- **Records from a collection**
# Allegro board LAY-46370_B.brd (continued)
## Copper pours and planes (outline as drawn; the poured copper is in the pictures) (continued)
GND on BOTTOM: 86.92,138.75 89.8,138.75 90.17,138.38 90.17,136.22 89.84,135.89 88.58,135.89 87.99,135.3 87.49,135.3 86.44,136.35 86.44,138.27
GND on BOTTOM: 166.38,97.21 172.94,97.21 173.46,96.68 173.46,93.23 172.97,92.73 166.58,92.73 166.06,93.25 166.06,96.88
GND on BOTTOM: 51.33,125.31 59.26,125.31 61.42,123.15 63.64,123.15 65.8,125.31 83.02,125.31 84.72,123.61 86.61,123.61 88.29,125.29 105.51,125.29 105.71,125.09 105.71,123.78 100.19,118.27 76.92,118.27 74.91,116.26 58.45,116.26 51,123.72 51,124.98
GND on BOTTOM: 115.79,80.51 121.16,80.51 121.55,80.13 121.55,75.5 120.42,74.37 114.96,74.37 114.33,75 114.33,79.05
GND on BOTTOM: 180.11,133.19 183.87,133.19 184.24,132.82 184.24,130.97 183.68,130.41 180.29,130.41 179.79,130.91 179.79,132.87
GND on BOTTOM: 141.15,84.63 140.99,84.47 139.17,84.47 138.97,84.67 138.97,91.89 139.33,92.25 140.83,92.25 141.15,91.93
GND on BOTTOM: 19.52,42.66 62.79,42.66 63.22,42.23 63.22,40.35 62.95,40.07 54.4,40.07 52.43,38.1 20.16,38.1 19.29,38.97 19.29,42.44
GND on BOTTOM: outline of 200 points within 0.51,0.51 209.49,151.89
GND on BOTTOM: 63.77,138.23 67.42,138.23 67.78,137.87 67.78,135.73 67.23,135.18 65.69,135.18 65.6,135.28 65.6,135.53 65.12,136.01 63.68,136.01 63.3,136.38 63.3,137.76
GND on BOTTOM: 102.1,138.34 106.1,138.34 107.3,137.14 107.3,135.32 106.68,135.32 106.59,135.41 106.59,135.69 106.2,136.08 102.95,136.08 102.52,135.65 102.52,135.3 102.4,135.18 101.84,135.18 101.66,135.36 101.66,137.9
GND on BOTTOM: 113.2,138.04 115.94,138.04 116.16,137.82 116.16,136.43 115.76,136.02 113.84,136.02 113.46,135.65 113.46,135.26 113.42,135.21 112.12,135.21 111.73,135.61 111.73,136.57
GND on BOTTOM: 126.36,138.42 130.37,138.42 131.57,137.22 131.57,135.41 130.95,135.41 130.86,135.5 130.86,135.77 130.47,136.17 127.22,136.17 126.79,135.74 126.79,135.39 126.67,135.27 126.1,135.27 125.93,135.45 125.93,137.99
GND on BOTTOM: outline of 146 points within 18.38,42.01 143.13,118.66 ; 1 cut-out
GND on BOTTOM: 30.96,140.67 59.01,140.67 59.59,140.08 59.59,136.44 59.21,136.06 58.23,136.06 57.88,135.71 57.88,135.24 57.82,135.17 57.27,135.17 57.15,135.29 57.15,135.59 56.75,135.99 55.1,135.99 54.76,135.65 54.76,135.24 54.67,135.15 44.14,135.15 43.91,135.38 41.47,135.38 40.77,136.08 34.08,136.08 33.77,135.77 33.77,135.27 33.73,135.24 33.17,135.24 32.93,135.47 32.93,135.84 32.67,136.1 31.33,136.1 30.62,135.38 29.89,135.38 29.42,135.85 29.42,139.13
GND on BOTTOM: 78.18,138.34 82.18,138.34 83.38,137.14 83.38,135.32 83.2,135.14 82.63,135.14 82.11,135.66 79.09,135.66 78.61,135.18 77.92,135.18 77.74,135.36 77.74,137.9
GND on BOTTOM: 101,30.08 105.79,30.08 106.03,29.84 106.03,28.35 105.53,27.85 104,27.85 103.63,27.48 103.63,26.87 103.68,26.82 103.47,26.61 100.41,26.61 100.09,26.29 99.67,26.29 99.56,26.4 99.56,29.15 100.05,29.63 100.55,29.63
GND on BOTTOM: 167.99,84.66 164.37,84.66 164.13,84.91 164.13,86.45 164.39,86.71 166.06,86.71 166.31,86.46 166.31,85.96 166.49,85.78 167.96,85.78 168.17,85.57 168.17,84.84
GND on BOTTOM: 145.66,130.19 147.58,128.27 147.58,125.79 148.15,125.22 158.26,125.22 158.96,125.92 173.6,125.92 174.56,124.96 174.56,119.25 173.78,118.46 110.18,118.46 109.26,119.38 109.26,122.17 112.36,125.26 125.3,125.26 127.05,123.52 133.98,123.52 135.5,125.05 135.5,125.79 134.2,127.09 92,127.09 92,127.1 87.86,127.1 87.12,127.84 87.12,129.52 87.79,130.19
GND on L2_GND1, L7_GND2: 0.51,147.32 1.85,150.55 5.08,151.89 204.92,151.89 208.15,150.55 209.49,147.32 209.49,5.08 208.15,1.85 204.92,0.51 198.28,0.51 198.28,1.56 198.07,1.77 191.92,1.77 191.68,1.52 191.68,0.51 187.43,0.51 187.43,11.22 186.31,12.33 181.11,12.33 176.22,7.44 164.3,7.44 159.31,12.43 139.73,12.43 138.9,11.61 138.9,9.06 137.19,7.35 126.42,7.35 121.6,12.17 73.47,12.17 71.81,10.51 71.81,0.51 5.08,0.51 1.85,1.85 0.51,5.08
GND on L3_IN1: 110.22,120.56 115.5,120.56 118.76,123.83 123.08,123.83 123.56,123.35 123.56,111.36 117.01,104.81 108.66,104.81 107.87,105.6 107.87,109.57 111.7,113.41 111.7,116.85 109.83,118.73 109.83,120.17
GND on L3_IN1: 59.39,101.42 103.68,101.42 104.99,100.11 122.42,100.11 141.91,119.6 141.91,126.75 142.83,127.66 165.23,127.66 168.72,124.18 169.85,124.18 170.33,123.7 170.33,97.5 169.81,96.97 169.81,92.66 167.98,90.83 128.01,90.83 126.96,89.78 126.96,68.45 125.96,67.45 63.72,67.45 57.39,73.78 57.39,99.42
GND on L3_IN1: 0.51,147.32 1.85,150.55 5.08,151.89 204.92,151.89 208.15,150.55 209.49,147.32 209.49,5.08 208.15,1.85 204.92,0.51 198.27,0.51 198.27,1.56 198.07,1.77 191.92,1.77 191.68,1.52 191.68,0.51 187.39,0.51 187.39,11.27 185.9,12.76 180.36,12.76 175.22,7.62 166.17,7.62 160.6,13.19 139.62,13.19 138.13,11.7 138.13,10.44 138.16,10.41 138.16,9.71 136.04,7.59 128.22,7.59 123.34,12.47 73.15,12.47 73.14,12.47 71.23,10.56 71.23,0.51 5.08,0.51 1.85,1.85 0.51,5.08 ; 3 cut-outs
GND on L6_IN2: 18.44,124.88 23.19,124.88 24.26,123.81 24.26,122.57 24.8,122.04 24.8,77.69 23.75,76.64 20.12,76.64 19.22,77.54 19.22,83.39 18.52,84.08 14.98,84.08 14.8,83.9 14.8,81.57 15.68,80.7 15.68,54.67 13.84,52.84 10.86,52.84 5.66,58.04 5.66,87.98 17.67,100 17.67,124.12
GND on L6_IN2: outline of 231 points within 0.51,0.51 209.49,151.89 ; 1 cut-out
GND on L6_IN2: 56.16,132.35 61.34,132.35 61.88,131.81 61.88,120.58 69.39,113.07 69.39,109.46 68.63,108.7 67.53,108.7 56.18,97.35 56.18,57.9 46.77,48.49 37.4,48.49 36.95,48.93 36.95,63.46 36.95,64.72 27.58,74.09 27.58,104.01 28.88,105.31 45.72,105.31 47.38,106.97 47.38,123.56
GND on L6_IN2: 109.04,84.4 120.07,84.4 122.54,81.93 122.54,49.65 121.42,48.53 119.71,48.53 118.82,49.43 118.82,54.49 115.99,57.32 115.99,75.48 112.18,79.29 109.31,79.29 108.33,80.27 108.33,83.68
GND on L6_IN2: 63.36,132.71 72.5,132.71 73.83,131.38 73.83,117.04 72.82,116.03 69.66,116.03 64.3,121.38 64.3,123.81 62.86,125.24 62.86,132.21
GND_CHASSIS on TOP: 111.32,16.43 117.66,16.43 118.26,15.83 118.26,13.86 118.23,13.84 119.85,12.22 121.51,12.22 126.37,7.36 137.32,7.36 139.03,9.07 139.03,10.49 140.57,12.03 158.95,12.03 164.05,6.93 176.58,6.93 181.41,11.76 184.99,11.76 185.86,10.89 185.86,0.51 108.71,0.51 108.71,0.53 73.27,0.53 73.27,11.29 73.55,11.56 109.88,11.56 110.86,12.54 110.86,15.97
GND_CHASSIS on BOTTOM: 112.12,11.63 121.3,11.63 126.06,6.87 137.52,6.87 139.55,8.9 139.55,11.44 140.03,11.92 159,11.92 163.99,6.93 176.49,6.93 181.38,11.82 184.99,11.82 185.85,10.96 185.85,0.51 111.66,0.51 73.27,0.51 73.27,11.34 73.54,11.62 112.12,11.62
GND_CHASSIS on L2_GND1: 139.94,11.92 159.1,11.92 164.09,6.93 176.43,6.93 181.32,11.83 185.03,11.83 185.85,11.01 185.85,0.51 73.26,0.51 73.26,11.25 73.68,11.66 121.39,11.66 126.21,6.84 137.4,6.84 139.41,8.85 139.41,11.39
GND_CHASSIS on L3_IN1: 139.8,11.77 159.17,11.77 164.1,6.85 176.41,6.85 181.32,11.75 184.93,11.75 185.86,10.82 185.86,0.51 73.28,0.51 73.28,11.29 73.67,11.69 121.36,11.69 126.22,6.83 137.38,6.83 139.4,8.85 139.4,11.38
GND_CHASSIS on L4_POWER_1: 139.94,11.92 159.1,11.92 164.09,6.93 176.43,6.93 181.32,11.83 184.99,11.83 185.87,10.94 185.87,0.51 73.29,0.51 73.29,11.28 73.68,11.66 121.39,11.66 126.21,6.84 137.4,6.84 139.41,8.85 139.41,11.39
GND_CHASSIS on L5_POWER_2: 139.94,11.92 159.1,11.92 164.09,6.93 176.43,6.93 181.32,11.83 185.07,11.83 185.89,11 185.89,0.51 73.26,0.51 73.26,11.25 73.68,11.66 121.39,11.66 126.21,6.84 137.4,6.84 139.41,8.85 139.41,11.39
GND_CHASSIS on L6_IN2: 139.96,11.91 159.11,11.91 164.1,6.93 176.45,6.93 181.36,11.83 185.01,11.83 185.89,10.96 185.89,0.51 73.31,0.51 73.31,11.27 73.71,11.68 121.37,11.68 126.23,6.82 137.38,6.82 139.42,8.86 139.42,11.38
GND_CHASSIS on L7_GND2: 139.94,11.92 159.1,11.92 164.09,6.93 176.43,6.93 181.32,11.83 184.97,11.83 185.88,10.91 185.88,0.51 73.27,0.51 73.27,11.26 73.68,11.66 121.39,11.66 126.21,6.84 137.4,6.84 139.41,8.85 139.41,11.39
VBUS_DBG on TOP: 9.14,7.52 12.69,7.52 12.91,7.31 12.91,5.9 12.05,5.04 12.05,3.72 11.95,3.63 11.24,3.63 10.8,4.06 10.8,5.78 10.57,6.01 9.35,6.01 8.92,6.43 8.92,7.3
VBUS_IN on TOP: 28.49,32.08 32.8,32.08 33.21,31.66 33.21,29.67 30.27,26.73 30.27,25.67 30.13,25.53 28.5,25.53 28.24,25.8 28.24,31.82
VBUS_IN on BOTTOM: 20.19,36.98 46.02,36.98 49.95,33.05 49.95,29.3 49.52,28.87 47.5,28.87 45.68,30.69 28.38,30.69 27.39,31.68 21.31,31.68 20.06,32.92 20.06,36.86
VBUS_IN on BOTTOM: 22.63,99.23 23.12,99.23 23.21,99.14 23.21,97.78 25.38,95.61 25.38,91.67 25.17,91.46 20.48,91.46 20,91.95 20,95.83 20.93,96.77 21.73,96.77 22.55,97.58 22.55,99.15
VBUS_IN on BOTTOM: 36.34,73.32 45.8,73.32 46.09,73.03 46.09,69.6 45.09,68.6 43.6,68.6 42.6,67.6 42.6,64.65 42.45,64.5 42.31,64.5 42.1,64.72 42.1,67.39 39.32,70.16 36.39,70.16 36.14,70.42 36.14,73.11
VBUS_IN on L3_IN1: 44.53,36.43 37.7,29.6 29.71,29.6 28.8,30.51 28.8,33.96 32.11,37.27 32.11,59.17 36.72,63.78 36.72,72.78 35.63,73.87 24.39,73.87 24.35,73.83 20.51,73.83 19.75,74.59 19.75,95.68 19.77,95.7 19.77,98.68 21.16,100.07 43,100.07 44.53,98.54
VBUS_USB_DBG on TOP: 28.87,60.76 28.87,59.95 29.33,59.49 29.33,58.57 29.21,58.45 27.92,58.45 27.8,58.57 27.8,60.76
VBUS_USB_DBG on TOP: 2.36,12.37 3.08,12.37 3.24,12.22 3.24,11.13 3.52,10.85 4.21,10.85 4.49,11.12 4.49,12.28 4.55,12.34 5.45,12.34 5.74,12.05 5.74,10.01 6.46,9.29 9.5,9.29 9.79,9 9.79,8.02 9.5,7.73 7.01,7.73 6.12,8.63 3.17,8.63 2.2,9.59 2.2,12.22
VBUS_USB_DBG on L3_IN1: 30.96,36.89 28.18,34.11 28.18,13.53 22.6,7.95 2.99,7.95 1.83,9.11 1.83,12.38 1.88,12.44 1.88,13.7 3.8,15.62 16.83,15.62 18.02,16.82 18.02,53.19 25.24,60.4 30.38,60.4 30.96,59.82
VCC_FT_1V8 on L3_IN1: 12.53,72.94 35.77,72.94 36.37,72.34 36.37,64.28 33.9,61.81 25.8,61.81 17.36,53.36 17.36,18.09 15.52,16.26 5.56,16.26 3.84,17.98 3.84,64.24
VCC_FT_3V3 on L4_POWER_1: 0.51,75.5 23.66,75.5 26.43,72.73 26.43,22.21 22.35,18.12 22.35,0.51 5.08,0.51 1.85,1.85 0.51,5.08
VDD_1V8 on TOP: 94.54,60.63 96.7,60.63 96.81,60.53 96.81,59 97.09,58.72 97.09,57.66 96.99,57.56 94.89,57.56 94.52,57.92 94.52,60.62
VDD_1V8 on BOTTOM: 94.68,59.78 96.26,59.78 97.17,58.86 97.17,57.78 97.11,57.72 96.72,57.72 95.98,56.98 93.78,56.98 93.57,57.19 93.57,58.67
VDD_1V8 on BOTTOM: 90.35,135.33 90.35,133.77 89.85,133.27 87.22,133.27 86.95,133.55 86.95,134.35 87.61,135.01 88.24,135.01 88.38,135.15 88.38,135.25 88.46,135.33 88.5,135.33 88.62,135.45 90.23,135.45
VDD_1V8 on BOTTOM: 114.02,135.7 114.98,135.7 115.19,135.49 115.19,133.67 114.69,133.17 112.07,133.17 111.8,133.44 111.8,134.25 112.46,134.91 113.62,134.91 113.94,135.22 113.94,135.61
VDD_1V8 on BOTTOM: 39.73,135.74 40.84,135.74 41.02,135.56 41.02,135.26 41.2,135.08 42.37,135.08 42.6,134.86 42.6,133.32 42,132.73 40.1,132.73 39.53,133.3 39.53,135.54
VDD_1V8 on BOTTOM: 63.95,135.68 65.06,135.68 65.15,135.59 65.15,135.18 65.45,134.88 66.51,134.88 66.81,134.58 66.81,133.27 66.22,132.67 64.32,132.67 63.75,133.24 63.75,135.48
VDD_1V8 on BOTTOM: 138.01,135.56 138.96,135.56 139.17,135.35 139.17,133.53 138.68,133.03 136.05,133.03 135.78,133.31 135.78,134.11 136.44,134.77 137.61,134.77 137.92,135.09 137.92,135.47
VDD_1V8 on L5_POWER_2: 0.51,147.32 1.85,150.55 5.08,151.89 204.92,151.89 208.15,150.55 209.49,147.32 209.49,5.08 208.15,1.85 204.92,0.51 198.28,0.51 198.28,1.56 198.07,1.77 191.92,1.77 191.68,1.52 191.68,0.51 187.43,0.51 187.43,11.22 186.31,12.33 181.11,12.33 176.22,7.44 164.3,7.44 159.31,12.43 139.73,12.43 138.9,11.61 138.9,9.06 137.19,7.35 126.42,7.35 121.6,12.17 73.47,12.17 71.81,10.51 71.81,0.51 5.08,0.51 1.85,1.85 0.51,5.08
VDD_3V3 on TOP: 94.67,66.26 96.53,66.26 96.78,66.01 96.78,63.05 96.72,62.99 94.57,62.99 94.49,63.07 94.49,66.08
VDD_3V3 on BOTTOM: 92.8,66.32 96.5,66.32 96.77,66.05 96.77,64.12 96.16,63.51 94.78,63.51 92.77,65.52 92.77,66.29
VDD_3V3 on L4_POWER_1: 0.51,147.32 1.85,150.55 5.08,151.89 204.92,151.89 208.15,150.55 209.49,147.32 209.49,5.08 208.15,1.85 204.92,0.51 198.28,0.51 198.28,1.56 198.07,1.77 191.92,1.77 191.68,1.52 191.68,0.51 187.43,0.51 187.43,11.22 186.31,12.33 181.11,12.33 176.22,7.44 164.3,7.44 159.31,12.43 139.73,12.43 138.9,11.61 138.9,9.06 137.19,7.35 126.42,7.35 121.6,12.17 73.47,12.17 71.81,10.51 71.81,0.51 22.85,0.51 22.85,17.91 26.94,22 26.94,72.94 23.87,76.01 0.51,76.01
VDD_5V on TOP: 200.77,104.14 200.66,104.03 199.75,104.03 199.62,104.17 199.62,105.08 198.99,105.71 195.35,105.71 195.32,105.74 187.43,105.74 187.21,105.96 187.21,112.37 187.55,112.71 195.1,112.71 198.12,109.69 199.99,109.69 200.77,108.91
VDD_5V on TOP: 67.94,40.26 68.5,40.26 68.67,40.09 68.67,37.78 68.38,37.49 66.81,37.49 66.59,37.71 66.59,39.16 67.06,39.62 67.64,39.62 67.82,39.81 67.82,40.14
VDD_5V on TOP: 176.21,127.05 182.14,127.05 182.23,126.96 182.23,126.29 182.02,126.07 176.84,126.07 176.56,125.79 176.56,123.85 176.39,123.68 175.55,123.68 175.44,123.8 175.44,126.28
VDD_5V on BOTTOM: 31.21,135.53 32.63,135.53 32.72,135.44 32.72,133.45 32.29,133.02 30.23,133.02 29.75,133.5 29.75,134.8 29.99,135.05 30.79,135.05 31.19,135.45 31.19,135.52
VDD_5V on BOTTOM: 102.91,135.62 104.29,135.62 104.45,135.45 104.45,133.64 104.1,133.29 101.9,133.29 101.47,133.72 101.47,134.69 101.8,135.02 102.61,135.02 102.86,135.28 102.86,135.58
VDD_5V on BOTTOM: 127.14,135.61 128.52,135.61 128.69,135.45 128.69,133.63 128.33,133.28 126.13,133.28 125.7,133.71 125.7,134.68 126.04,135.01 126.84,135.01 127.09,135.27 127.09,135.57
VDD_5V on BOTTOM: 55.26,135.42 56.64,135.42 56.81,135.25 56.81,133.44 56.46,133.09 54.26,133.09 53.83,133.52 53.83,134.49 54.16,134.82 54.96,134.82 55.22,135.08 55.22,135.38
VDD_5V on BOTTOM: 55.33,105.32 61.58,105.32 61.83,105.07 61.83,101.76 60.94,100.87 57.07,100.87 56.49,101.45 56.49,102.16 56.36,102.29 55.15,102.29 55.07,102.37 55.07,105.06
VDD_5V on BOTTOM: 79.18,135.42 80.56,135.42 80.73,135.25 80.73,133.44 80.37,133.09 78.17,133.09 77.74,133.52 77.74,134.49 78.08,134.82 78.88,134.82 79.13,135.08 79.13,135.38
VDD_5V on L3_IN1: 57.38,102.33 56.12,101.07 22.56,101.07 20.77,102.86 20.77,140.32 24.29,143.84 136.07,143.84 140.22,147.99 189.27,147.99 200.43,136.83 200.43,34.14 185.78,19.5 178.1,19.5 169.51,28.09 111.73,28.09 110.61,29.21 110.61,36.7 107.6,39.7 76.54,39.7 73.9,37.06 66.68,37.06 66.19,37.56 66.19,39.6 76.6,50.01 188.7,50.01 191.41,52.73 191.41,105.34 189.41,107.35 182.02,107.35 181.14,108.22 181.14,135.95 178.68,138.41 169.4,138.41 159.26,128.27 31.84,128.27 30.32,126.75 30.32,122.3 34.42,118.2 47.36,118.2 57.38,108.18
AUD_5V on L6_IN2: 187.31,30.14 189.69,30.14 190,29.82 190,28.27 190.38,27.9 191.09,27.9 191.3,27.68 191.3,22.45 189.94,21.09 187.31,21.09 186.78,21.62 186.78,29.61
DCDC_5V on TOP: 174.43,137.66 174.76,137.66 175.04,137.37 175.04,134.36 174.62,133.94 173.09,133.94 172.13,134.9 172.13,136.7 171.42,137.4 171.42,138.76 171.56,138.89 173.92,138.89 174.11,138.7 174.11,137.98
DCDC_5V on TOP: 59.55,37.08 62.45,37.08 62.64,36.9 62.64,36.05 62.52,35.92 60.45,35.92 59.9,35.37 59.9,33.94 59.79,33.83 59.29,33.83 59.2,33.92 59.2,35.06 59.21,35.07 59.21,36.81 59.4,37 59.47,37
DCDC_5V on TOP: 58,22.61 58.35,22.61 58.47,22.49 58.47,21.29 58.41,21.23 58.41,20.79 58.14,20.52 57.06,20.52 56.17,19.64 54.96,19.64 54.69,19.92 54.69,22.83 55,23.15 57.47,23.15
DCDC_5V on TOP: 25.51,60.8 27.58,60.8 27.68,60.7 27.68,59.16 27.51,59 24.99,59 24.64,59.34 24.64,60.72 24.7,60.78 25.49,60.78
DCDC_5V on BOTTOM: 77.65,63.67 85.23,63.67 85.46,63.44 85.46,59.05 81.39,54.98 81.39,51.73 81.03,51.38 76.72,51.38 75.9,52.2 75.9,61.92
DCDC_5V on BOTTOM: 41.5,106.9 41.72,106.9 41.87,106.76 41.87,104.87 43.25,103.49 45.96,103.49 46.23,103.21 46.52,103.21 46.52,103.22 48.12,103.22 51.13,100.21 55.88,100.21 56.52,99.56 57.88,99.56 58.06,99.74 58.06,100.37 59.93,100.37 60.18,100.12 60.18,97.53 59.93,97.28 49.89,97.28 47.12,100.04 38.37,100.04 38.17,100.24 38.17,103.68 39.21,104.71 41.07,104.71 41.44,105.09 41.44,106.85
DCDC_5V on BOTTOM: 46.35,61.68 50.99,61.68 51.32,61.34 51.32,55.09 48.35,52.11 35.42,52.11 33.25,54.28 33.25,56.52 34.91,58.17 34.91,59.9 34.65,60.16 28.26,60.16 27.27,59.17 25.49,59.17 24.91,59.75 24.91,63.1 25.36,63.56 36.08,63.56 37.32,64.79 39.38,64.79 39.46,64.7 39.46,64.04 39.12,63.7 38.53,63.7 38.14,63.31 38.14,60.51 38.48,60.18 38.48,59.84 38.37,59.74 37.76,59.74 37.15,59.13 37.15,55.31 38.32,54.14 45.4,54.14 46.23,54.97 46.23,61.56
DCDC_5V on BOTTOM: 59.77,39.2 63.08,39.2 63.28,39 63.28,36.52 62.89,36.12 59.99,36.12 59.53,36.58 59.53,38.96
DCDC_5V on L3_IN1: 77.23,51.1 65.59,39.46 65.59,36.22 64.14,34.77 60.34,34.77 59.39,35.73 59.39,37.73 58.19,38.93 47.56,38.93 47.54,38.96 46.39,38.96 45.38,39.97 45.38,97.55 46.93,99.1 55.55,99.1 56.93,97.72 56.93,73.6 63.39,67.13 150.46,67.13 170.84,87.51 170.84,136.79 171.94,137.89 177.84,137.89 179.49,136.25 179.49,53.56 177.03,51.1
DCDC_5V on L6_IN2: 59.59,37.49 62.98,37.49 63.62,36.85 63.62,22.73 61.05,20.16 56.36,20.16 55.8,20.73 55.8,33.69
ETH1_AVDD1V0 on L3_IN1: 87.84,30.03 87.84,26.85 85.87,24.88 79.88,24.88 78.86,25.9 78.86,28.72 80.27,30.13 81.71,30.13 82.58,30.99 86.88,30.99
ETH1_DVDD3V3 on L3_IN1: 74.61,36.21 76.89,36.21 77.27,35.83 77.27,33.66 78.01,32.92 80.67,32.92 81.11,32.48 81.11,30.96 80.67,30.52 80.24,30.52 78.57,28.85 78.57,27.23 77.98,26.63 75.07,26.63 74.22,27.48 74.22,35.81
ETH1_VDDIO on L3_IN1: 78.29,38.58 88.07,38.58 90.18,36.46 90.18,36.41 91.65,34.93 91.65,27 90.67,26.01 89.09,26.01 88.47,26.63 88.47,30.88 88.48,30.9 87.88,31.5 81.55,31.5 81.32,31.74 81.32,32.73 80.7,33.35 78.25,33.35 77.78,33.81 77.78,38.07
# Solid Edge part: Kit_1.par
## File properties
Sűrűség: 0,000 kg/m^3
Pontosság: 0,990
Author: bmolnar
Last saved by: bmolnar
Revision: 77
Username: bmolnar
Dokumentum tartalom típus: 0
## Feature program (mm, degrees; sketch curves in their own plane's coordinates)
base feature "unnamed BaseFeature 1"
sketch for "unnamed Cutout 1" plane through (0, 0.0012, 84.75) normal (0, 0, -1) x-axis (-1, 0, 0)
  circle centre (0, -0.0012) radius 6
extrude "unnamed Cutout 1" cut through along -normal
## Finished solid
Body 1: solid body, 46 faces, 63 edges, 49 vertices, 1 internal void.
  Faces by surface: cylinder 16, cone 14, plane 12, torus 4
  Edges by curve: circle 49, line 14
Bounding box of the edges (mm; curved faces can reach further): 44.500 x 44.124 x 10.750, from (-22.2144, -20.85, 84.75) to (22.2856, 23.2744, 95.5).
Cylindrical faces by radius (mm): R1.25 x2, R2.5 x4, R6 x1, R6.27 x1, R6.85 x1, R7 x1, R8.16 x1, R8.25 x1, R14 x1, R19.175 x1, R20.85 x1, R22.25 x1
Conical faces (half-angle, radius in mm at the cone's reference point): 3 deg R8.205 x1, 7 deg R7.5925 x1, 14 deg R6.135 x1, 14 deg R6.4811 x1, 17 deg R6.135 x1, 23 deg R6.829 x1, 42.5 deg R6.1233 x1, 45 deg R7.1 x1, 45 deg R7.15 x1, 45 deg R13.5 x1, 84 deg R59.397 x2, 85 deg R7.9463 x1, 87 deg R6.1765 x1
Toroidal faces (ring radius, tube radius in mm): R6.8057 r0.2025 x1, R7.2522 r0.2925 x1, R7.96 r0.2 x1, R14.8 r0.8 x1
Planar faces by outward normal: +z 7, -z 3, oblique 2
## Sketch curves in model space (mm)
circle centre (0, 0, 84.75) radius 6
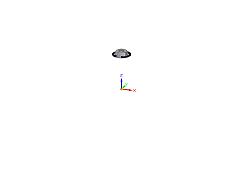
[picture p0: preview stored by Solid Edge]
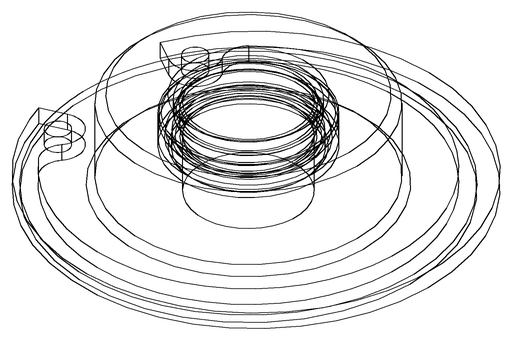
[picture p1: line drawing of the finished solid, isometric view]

- **REQUIRED ACTION**
Of the entries listed above, reproduce only the lines starting at the line containing "GND on BOTTOM: 86.92,138.75" and ending at the line containing "GND on BOTTOM: 51.33,125.31". Include both, exactly as they stand.

- **EXERCISE RESULT**
GND on BOTTOM: 86.92,138.75 89.8,138.75 90.17,138.38 90.17,136.22 89.84,135.89 88.58,135.89 87.99,135.3 87.49,135.3 86.44,136.35 86.44,138.27
GND on BOTTOM: 166.38,97.21 172.94,97.21 173.46,96.68 173.46,93.23 172.97,92.73 166.58,92.73 166.06,93.25 166.06,96.88
GND on BOTTOM: 51.33,125.31 59.26,125.31 61.42,123.15 63.64,123.15 65.8,125.31 83.02,125.31 84.72,123.61 86.61,123.61 88.29,125.29 105.51,125.29 105.71,125.09 105.71,123.78 100.19,118.27 76.92,118.27 74.91,116.26 58.45,116.26 51,123.72 51,124.98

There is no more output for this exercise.